Introduction
Strategic alliances between companies are usually short-term and aimed at resolving local problems. Competitiveness is one of the crucial components for each business, and they all plan their activities to increase it. Alliances are successful only when they increase the competitiveness of each of their members, not when they are long-term and stable. Thus, the company should terminate its participation rather than suffer losses. It means that strategic alliances are temporary by nature, as there are no motivations for the company to realize any goals other than its own.
The Temporary Nature of Strategic Alliances: Understanding the Reasons
Coopetition
The business environment is competitive, and all firms aim to create value. The term coopetition, coined by researchers in the late 20th century, is suitable for describing these specific strategic connections between firms (Gnyawali & Charleton, 2018). They compete and cooperate simultaneously to realize their goals and learn something from their partners’ practices.
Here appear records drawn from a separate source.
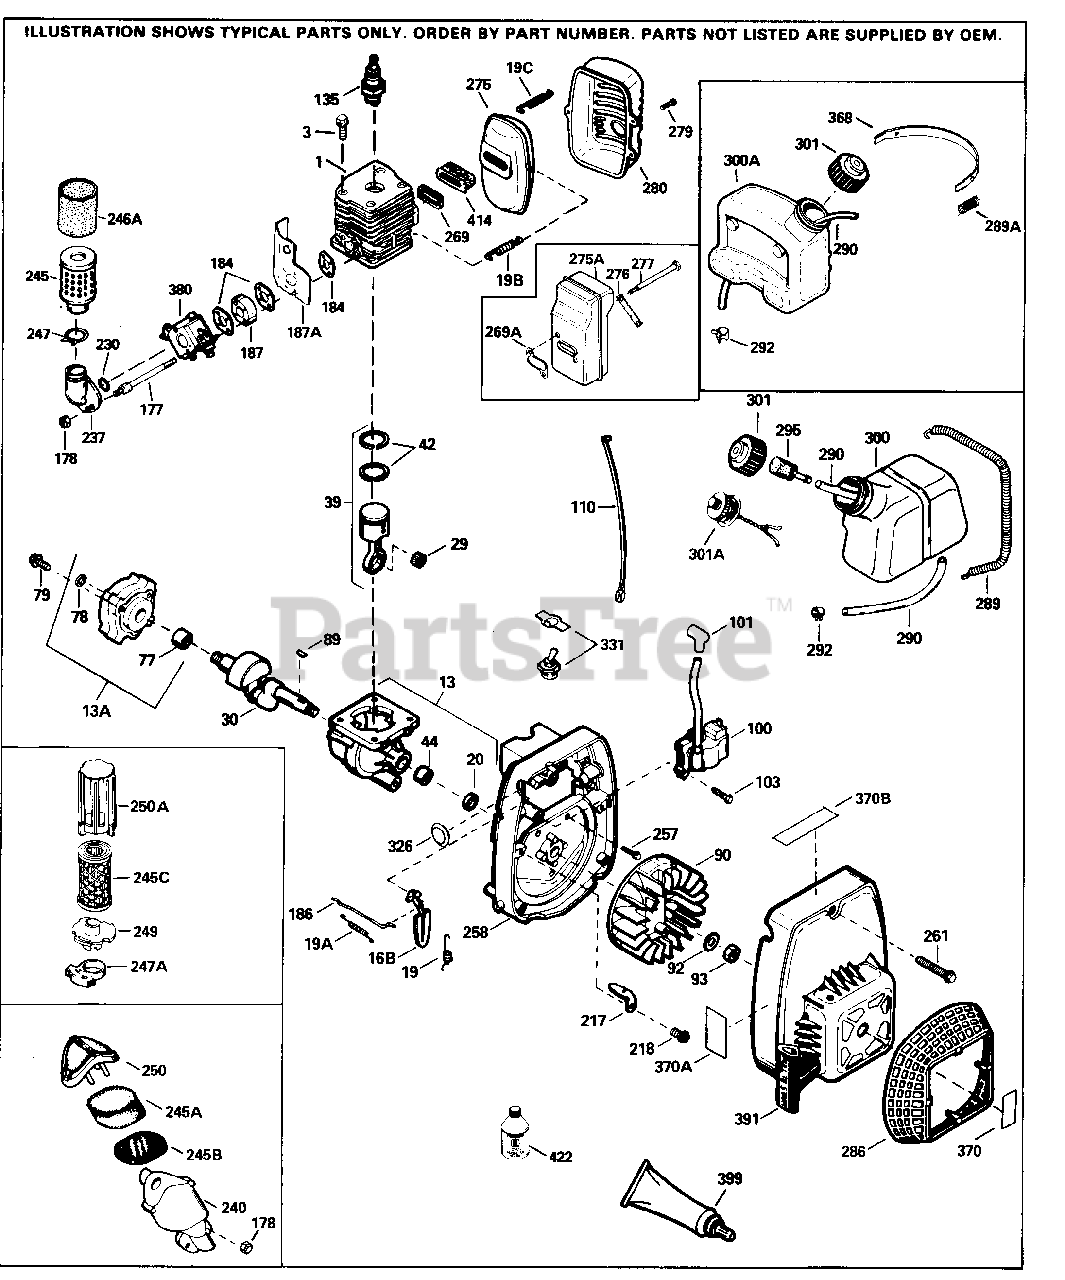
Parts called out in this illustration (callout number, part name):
1	"Cylinder
3	Screw, T-30, 1/4-20 x 43/64
13	Crankcase (Incl. 20 & 44)
13A	Crankcase Cover (Incl. 77 & 78)
16B	Air Vane
19	Governor Spring
19A	Backlash Spring
19B	Muffler Spring
20	Oil Seal
29	Needle Bearing Set (23 needles) NOTE: Bearing 530154 is no longer availabl e. If it is required, the engine must be short blocked. See Engine and Sho rt Block Replacement List.
30	Crankshaft NOTE: Crankshaft 290564 is no longer available. If it is requir ed, the engine must be short blocked. See Engine and Short Block Replaceme nt List.
39	Piston & Rod NOTE: Piston and rod 310 284 is no longer available. If it is required, the engine must be short bl ocked. See Engine and Short Block Rep lacement List.
42	Piston Ring Set
44	Cartridge Bearing
77	Cartridge Bearing
78	Oil Seal
79	Screw, 1/4-20 x 3/4
89	Flywheel Key
90	Flywheel
92	Belleville Washer
93	Flywheel Nut, 3/8-24
100	Solid State (Incl. 101)
101	Spark Plug Cover
103	Screw, T-15, 10-24 x 1
110	Ground Wire
135	Spark Plug (RCJ-6Y)
177	Air Cleaner Stud
178	Lock Nut, 10-24
184	Carburetor Gasket
186	Governor Link
187	Carburetor Spacer
187A	Carburetor Baffle
217	Speed Adjusting Lever
218	Screw, 8-32 x 1/2
230	Air Cleaner "O" Ring
240	Air Cleaner Body
245A	Air Filter
245B	Air Filter
250	Air Cleaner Cover
257	Screw, 10-24 x 1/2
258	Blower Housing Base
261	Screw, 8-32 x 1-9/16
269	Exhaust Gasket
275	Muffler
286	Starter Screen
289A	Fuel Tank Strap Spring
290	Fuel Line (11" long)
292	Fuel Line Clamp
295	Fuel Fitting & Filter Assy.
300A	Fuel Tank (Incl. 290 & 295)
301	Fuel Cap
368	Fuel Tank Strap (Incl. 289A)
370	Name Decal
370A	Instruction Decal
380	Carburetor (Incl. 184) (Refer to Divi sion 5, Section A, page A10-4 or Fich e 24, Grid F-9 for breakdown)
391	Rewind Starter & Housing Assy. Refer to Division 5, Section C, page 33 or Fiche 24, Grid G-1 for breakdown
399	Gasket Eliminator
422	2-Cycle Oil with Fuel Stabilizer - 8 oz.

Companies mostly see alliances as opportunities to increase their competitiveness rather than help other companies achieve something (O’Dwyer & Gilmore, 2018). No common goals or ideas can be the core of the alliance; the only mutual benefit is usually short-term. If one company is larger than the other, it can acquire it or build a joint venture if the latter is unwilling to sell the company (Wheelen et al., 2018). If both companies are similar in size, they can cooperate to improve their competitiveness, learn something new, and increase their market shares while continuing to compete (Cui et al., 2018). In that way, it is natural for business alliances to be short-term and local.
Possibility of Long-Term Cooperation
Long-term alliances are also possible, but they are stable only when both organizations operate in different areas. For example, a technology company can cooperate with a scientific facility to test its projects and increase its value in research and development (Wheelen et al., 2018). In turn, they provide the facility with better equipment and invest money in it; thus, such an alliance has long-term benefits and can be stable and last for years.
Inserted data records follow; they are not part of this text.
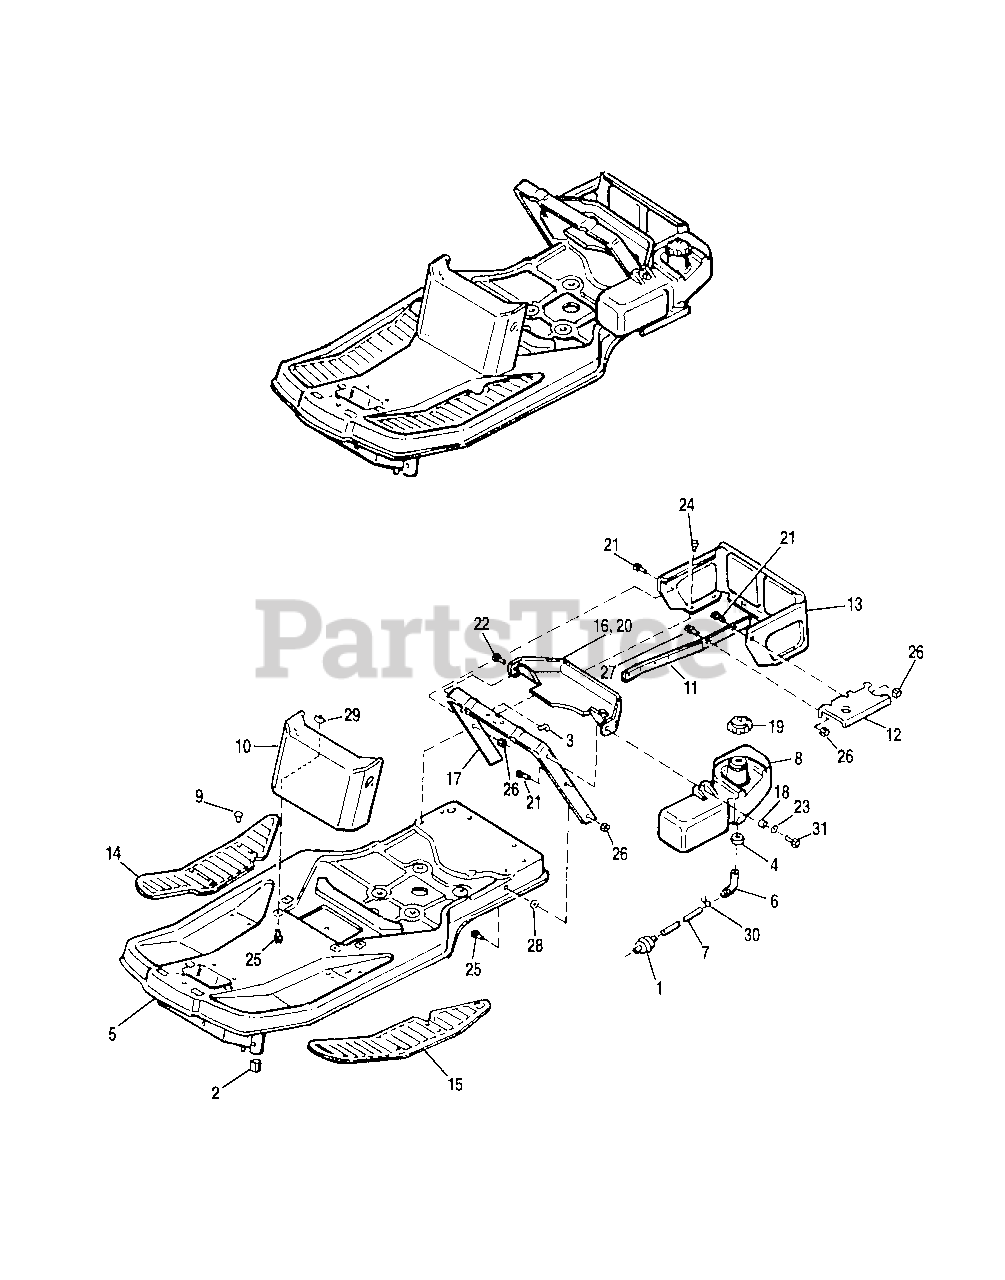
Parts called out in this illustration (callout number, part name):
1	FUEL FILTER
3	CLIP
4	BUSHING, Rubber
5	FRAME ASSY. (Incl. Ref. No. 2)
7	HOSE, Fuel Tank
8	FUEL TANK (Incl. Ref. Nos. 1, 4, 6 & 30)
10	PANEL, Front
11	STRAP, Fuel Tank, Brace
12	SUPPORT, Fuel Tank
13	SHROUD, Rear
14	PAD, Foot Rest, RH
15	PAD, Foot Rest, LH
16	DUCT, Air Inlet (Gear model only)
17	"U" SUPPORT, Seat Deck
18	SPACER, 21/64 x 1/2 x 21/64
19	CAP, Fuel Tank, Vented
20	DUCT, Air Inlet (Hydro model only)
21	CAPSCREW, Hex Hd., 5/16-18 x 1
22	SCREW, Hex Hd., Taptite, 5/16 x 1/2
23	WASHER, Plain, 13/32 x 7/8 x 5/64
24	SCREW, Hex Hd., Taptite, 1/4-20 x 1/2
25	CAPSCREW, Hex Hd., Whizlock, 5/16-18 x 3/4
26	NUT, Hex, Flange, Whizlock, 5/16-18
27	CARRIAGE BOLT, 5/16-18 x 3/4
28	PAL NUT, 5/16
29	PAL NUT, 5/16-18
30	CLAMP, Hose
31	SCREW, Taptite, 5/16-18 x 1

Alliance capability and value can be evaluated to see whether it would be suitable for companies to cooperate, and they mostly do this to compete with more significant market players successfully (O’Dwyer & Gilmore, 2018). During the cooperation, both firms will likely try to understand each other’s practices and learn something from each other for their benefit (Cui et al., 2018). The alliance will probably break as soon as at least one company realizes it can accomplish its goals by itself.
Conclusion
Therefore, corporate strategic alliances can only be long-term when they mutually benefit clearly. In other cases, they will be short and local, aimed at expanding the companies’ capabilities and increasing their values, but not helping each other directly. Competition is an excellent term for such relationships: companies can collectively use some of their facilities and knowledge to increase their competitiveness. However, they always aim to realize their strategic goals, and the company leaves the alliance as soon as it stops generating value.
References
Cui, V., Yang, H., & Vertinsky, I. (2018). Attacking your partners: Strategic alliances and competition between partners in product markets. Strategic Management Journal, 39(12), 3116–3139. Web.
Gnyawali, D. R., & Charleton, T. R. (2018). Nuances in the interplay of competition and cooperation: Towards a theory of coopetition. Journal of Management, 44(7), 2511–2534. Web.
O’Dwyer, M., & Gilmore, A. (2018). Value and alliance capability and the formation of strategic alliances in SMEs: The impact of customer orientation and resource optimisation. Journal of Business Research, 87, 58–68. Web.
Wheelen, T. L., Hunger, D. J., Hoffman, A. N., & Bamford, C. E. (2018). Strategic management and business policy: Globalization, innovation and sustainability (15th ed.). Pearson.